EXERCISE DESCRIPTION: Where does the word "contexts" appear in the data? Copy every line that holds it.

RECORD EXTRACTS:

>>>>

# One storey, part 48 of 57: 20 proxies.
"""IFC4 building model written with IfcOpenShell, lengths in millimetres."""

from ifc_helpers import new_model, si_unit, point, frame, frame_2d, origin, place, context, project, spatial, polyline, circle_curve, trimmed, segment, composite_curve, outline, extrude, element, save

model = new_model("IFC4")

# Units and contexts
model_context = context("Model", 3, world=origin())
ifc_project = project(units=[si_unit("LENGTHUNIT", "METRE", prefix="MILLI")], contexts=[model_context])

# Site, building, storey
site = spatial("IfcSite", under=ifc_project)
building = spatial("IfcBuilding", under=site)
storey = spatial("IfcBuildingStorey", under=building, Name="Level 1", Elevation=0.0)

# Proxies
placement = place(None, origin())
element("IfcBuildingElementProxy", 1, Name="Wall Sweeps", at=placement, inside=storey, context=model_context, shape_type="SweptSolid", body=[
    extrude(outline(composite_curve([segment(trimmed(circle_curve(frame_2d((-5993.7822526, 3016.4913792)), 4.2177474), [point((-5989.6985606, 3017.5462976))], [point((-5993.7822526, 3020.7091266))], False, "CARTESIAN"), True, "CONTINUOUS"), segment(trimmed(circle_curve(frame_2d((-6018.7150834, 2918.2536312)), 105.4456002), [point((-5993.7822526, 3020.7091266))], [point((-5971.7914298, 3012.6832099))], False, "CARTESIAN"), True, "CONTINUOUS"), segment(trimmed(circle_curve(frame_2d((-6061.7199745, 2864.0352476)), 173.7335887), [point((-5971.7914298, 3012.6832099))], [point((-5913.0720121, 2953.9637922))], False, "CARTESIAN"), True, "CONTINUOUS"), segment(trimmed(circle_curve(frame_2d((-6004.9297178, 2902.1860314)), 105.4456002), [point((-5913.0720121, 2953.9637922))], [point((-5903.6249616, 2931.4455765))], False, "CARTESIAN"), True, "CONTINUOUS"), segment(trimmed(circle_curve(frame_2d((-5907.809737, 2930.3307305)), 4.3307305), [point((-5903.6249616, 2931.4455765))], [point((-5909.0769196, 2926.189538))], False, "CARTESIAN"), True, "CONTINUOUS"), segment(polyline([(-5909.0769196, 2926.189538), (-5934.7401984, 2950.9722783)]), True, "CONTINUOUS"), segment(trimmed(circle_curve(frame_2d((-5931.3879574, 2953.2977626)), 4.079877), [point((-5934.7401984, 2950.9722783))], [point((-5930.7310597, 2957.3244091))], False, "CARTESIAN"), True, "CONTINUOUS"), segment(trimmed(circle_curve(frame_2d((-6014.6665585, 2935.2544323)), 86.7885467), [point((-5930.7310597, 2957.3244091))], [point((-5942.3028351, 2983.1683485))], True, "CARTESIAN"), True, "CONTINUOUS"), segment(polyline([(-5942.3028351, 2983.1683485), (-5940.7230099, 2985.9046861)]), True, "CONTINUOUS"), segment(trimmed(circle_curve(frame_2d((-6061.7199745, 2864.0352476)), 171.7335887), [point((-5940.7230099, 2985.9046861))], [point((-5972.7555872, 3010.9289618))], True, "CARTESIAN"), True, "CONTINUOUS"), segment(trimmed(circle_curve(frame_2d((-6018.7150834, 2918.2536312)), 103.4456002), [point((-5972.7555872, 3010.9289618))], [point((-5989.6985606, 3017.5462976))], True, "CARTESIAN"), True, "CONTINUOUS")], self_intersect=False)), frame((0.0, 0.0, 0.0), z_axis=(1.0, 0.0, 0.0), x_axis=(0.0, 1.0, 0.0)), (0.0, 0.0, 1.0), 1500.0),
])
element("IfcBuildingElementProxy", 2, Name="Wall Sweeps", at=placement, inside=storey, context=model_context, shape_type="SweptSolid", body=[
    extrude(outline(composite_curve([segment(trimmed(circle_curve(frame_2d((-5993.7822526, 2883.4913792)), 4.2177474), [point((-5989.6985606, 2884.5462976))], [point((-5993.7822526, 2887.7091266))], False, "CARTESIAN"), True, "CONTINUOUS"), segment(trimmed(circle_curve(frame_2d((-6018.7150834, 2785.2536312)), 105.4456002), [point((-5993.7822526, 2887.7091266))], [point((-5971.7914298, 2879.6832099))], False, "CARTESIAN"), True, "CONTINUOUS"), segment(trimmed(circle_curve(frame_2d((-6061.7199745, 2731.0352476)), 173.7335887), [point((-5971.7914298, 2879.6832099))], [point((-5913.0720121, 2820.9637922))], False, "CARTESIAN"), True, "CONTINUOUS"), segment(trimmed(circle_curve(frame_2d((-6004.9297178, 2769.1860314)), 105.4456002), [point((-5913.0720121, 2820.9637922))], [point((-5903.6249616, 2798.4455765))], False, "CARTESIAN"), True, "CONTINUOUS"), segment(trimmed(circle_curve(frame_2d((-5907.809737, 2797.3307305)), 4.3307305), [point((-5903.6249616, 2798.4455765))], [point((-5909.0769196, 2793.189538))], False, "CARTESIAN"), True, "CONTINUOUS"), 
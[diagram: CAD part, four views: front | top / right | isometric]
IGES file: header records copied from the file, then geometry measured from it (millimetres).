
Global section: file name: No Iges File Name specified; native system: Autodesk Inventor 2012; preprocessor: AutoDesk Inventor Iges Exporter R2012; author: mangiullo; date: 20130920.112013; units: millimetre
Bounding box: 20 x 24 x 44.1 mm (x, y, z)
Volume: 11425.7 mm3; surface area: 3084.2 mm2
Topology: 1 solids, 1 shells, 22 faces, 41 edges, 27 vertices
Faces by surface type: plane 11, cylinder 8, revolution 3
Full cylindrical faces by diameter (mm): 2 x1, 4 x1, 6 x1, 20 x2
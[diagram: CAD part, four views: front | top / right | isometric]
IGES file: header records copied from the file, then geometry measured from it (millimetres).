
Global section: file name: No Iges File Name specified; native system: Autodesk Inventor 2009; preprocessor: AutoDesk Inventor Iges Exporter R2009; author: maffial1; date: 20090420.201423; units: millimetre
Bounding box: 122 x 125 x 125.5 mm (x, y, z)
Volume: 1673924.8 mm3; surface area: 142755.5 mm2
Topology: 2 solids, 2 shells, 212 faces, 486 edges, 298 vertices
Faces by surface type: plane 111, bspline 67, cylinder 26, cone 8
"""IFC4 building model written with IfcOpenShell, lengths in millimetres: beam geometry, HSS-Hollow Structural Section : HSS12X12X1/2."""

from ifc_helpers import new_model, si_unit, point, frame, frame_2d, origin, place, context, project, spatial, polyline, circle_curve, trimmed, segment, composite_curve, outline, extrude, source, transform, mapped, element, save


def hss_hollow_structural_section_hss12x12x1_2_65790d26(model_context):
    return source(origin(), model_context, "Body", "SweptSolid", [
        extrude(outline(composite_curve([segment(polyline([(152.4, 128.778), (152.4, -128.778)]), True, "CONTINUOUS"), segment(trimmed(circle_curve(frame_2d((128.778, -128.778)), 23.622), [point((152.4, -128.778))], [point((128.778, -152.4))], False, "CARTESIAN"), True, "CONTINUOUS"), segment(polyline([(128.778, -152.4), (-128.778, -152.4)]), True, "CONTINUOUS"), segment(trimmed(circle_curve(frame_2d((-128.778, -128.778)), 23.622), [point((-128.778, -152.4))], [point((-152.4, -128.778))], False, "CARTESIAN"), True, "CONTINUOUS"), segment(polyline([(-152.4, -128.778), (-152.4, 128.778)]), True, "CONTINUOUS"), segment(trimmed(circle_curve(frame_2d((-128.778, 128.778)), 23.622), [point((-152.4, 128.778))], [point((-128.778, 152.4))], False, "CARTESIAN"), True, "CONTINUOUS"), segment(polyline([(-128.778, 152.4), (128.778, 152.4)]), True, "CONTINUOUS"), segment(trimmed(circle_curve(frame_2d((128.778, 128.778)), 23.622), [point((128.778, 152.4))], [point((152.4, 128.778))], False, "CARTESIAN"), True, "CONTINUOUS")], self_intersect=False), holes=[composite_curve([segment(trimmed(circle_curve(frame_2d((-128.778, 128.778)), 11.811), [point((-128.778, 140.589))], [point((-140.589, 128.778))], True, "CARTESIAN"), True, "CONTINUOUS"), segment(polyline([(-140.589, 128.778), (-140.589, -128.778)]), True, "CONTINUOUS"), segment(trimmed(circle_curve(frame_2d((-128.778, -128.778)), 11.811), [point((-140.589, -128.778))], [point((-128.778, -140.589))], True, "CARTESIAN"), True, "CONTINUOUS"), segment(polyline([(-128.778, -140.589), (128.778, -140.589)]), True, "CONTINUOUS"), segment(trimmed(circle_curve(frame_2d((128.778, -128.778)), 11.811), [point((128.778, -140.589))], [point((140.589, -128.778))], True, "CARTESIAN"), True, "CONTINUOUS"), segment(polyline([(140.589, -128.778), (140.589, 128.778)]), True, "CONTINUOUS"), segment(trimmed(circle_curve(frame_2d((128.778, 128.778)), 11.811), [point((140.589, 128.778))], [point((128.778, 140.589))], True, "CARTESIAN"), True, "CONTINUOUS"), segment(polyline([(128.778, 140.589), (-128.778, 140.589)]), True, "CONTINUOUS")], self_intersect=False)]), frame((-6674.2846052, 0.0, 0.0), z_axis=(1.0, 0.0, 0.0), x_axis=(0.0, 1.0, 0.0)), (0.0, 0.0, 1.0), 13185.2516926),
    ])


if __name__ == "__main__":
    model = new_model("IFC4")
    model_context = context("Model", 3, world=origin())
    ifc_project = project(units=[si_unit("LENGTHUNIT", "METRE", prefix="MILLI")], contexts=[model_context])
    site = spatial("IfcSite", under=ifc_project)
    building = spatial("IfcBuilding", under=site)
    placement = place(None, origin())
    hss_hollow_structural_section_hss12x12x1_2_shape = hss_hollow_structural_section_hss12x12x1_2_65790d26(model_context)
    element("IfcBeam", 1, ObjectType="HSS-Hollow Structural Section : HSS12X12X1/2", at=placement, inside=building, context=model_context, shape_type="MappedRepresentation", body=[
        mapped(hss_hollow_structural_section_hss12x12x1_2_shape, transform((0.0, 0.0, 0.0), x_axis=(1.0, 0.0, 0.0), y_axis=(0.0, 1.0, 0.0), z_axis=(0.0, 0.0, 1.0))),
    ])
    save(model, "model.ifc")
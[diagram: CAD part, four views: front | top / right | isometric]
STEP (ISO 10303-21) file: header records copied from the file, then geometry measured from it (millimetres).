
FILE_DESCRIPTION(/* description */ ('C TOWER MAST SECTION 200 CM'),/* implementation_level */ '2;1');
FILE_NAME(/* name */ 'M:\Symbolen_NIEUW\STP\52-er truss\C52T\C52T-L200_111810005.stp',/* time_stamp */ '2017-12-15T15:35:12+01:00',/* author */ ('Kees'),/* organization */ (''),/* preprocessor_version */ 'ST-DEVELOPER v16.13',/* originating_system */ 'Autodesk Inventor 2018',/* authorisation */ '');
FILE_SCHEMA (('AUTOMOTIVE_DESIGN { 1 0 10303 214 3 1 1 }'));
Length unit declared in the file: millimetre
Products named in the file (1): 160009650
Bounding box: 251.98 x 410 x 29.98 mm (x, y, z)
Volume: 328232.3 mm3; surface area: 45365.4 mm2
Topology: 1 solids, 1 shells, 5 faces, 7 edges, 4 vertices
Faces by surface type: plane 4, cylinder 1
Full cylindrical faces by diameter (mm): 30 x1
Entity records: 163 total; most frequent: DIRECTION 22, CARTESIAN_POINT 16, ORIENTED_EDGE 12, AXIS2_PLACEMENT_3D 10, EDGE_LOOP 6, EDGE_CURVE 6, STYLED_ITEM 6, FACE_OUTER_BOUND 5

<<<<

RESPONSE FOR THIS EXERCISE:
# Units and contexts
ifc_project = project(units=[si_unit("LENGTHUNIT", "METRE", prefix="MILLI")], contexts=[model_context])
    ifc_project = project(units=[si_unit("LENGTHUNIT", "METRE", prefix="MILLI")], contexts=[model_context])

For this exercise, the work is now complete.